# Friday night...



## Akaike (Sep 12, 2008)

Cigar: Trinidad Limited Edition 100th Anniversary Petit Robusto. Great smoke. It's not a full bodied cigar, but a very good medium bodied with a lot of complexity and flavor. I'll buy it again...toro or robusto.
Beers: started with a Colorado Indica IPA, a brazilian beer. Very good. But the last....wow!!. Eggenberg Urbock 23º. A strong lager from Austria, lagered for 9 months. Full-bodied with a creamy flavour and noble hop flavours. Flavor is dry with a lot of alcohol presence. Urbock 23° has on occasion been called the 'Cognac of beers'.:biggrin:


----------



## Paint (Mar 1, 2008)

Nice review and great pairing they look :dribble:


----------



## happy1 (Jun 29, 2007)

Good looking combo...Beer :dribble:


----------



## SmoknTaz (Jun 18, 2008)

Sounds like a great Friday night, thanks for sharing.


----------



## jitzy (Jan 7, 2007)

very cool that urbach sounds amazing


----------



## eggwhites (Apr 20, 2008)

looks like a solid friday evening.


----------



## amateurke (Mar 28, 2008)

Wow!! Some great beers!!


----------



## mhlatke (Oct 13, 2007)

Very nice!

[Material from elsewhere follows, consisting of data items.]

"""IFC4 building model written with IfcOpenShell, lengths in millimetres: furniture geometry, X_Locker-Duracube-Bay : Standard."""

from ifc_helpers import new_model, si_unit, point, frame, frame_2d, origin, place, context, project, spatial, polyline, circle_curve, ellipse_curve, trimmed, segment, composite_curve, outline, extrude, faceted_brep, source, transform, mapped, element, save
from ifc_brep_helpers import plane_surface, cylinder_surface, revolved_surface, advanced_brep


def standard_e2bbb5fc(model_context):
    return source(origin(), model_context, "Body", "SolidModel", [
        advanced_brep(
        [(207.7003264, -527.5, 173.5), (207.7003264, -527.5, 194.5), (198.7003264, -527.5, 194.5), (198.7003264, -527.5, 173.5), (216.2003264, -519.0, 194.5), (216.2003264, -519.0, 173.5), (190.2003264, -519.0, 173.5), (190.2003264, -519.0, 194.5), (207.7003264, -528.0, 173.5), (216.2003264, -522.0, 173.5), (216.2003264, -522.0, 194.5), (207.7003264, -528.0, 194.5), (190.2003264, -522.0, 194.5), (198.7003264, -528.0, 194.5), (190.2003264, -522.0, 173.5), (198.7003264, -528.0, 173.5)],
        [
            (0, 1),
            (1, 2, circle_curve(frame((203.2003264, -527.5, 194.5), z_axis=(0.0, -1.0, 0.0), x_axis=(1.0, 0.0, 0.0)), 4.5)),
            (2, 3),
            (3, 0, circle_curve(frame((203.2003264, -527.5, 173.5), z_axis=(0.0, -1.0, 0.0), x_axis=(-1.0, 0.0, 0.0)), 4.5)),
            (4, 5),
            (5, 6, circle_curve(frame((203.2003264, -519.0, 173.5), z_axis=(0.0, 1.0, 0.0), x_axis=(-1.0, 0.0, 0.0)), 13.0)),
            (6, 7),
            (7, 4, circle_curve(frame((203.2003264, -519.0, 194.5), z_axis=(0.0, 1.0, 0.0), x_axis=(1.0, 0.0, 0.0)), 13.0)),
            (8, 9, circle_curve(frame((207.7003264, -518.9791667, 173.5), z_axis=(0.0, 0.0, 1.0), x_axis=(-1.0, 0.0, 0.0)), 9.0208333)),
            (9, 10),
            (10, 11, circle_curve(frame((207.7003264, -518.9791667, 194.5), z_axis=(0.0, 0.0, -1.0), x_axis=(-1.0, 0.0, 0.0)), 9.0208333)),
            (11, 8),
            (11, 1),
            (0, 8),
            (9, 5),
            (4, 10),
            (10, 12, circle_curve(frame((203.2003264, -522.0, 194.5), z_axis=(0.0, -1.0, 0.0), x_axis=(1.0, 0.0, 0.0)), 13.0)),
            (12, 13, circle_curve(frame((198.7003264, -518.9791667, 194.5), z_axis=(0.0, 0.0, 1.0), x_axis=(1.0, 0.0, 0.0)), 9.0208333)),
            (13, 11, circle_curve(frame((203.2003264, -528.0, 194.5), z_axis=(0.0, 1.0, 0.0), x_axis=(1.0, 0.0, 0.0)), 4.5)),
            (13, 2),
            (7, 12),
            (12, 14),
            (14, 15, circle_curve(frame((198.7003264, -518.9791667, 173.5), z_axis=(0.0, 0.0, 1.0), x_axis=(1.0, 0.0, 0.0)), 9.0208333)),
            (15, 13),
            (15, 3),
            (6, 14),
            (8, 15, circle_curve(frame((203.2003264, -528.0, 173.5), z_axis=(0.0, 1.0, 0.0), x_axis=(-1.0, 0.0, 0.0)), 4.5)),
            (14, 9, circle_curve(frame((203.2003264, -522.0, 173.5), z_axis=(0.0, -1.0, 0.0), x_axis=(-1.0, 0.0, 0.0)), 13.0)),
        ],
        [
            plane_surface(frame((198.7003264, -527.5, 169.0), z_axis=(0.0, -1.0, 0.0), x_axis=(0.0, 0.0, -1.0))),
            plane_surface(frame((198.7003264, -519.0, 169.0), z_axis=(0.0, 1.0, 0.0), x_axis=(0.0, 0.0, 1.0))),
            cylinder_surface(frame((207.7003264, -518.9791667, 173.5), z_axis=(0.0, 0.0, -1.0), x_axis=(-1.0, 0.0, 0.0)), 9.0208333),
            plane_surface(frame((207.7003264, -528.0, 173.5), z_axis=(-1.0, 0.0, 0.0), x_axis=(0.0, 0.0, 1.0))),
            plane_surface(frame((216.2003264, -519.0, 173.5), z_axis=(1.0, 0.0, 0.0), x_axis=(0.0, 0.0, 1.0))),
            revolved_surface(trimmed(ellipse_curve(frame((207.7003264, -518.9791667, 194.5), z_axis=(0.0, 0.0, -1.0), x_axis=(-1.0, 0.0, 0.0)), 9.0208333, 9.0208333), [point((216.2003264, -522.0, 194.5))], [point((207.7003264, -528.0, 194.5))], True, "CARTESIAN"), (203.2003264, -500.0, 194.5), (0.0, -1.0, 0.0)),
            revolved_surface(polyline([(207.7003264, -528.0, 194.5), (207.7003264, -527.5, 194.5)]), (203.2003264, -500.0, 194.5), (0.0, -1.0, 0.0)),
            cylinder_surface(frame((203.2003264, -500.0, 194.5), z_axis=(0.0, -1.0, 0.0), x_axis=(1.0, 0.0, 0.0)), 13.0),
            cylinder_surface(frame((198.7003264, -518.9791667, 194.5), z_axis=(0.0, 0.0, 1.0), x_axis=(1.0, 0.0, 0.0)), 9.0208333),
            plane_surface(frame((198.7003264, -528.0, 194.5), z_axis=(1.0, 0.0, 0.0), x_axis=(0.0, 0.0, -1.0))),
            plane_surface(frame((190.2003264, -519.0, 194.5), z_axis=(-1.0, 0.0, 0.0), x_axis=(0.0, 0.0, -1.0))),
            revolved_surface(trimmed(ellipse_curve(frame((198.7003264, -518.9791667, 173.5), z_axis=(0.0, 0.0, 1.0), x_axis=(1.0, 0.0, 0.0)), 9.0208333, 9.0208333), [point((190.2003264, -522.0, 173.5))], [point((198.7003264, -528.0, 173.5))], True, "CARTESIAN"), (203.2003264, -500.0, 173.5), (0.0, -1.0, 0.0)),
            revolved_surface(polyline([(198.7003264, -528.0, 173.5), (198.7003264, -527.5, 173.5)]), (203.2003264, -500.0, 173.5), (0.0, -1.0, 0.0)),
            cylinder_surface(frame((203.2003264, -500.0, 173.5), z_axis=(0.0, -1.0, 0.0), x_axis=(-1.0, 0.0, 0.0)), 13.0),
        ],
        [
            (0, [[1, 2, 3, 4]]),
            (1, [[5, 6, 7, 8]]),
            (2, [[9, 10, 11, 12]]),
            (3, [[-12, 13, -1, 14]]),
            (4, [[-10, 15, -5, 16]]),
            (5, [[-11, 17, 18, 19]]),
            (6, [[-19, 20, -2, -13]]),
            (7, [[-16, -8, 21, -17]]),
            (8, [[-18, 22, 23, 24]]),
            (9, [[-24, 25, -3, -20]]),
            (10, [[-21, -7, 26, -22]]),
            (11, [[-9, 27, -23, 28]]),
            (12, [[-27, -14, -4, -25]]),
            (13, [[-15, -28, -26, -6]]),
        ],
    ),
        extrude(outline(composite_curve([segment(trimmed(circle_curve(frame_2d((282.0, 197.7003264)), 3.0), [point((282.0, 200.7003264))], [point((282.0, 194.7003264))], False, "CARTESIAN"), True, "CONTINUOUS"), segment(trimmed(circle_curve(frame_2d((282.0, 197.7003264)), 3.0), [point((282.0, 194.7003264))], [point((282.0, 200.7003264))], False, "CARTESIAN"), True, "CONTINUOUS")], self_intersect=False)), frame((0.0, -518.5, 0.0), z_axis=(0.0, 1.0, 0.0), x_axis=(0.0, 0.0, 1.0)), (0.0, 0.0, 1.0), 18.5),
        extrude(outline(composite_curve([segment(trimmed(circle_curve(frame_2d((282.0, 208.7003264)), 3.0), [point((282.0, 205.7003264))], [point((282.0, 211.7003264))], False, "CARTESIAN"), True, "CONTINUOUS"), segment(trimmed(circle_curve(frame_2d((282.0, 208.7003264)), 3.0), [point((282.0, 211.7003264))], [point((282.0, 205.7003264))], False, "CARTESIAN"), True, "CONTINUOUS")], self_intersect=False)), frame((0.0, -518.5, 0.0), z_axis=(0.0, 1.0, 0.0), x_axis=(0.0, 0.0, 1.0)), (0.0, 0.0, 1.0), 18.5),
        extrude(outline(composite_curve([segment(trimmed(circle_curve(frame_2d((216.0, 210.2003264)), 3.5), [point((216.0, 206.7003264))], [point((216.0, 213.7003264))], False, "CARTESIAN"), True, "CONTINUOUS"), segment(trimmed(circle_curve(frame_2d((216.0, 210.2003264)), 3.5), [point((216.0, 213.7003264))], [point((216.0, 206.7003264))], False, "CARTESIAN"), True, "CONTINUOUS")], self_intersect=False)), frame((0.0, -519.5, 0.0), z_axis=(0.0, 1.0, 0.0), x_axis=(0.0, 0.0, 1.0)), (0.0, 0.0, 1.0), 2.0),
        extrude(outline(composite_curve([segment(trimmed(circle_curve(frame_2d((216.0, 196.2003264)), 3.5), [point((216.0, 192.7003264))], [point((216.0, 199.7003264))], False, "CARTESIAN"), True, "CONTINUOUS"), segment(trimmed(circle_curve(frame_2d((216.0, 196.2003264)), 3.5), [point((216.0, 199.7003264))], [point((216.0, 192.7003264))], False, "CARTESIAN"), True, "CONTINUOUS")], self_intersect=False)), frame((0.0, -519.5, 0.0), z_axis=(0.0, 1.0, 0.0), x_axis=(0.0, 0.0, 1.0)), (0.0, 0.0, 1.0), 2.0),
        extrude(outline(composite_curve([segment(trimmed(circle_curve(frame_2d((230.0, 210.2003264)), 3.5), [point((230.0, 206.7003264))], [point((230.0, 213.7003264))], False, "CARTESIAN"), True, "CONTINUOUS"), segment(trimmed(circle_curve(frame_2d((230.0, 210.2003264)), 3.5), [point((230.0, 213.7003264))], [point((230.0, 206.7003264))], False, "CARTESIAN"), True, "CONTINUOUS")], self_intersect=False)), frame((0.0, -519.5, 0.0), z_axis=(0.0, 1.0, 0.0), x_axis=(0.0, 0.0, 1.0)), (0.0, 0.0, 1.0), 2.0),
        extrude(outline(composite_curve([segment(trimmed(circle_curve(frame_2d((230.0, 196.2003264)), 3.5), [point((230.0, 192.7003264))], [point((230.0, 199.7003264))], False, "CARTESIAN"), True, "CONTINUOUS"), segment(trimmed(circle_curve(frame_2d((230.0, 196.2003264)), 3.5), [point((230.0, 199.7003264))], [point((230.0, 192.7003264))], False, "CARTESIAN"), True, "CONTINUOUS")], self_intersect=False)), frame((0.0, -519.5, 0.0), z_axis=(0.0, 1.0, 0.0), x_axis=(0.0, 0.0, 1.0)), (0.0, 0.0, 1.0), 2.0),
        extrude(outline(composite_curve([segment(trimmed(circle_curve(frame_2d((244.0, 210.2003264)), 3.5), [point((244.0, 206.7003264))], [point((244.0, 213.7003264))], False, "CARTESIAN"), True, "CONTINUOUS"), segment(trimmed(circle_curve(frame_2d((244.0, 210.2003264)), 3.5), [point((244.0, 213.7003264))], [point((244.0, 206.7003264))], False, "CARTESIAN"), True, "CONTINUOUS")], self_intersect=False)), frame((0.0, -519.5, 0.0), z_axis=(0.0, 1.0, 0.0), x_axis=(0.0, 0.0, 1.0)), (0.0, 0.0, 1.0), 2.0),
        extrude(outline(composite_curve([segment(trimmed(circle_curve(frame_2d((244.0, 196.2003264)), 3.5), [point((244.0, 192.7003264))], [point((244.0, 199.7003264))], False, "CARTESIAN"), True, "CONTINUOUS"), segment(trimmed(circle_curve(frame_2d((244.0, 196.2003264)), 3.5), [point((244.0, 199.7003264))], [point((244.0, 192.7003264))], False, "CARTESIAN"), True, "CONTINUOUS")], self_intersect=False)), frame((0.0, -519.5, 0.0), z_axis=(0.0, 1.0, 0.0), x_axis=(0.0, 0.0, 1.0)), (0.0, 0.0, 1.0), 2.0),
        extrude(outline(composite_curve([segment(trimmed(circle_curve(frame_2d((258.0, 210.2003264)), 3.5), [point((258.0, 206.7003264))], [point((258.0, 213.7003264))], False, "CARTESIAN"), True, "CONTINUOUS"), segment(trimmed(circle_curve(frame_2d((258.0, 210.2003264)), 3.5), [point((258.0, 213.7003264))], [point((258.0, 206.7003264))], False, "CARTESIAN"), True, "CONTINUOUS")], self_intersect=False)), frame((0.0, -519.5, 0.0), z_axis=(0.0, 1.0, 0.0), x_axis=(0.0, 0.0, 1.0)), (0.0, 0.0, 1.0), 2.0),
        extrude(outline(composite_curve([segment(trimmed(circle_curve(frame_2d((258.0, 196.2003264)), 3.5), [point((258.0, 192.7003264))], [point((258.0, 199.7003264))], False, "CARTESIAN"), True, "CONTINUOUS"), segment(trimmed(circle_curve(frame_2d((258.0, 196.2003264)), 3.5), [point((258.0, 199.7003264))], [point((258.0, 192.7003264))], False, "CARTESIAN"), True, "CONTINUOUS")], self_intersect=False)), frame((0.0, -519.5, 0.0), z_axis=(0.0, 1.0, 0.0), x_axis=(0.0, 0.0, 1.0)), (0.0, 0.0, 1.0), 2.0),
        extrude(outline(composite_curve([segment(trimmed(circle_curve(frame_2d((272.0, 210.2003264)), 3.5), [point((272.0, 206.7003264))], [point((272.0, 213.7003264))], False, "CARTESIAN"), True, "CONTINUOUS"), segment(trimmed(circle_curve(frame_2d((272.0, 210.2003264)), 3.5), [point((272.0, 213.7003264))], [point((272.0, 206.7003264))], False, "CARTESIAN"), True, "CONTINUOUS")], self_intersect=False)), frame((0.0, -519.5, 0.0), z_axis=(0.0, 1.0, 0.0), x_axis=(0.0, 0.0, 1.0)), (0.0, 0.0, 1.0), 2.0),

Great stick w/some very interesting brews!


----------



## cboor001 (Aug 6, 2008)

Looks awesome. Thanks for posting


----------



## KaiSQ (Aug 4, 2008)

Nice combo.


----------



## Redbeard (Aug 7, 2006)

man , i want that ipa !! that stuff looks awesome every time you show it. nice combo going on there bro


----------



## maduro4me-cl (Jun 11, 2008)

Man, they look great! Thanks for sharing.


----------



## karmaz00 (Dec 5, 2007)

very nice


----------



## EKGOTSKILLZZ (Jun 17, 2008)

very nice


----------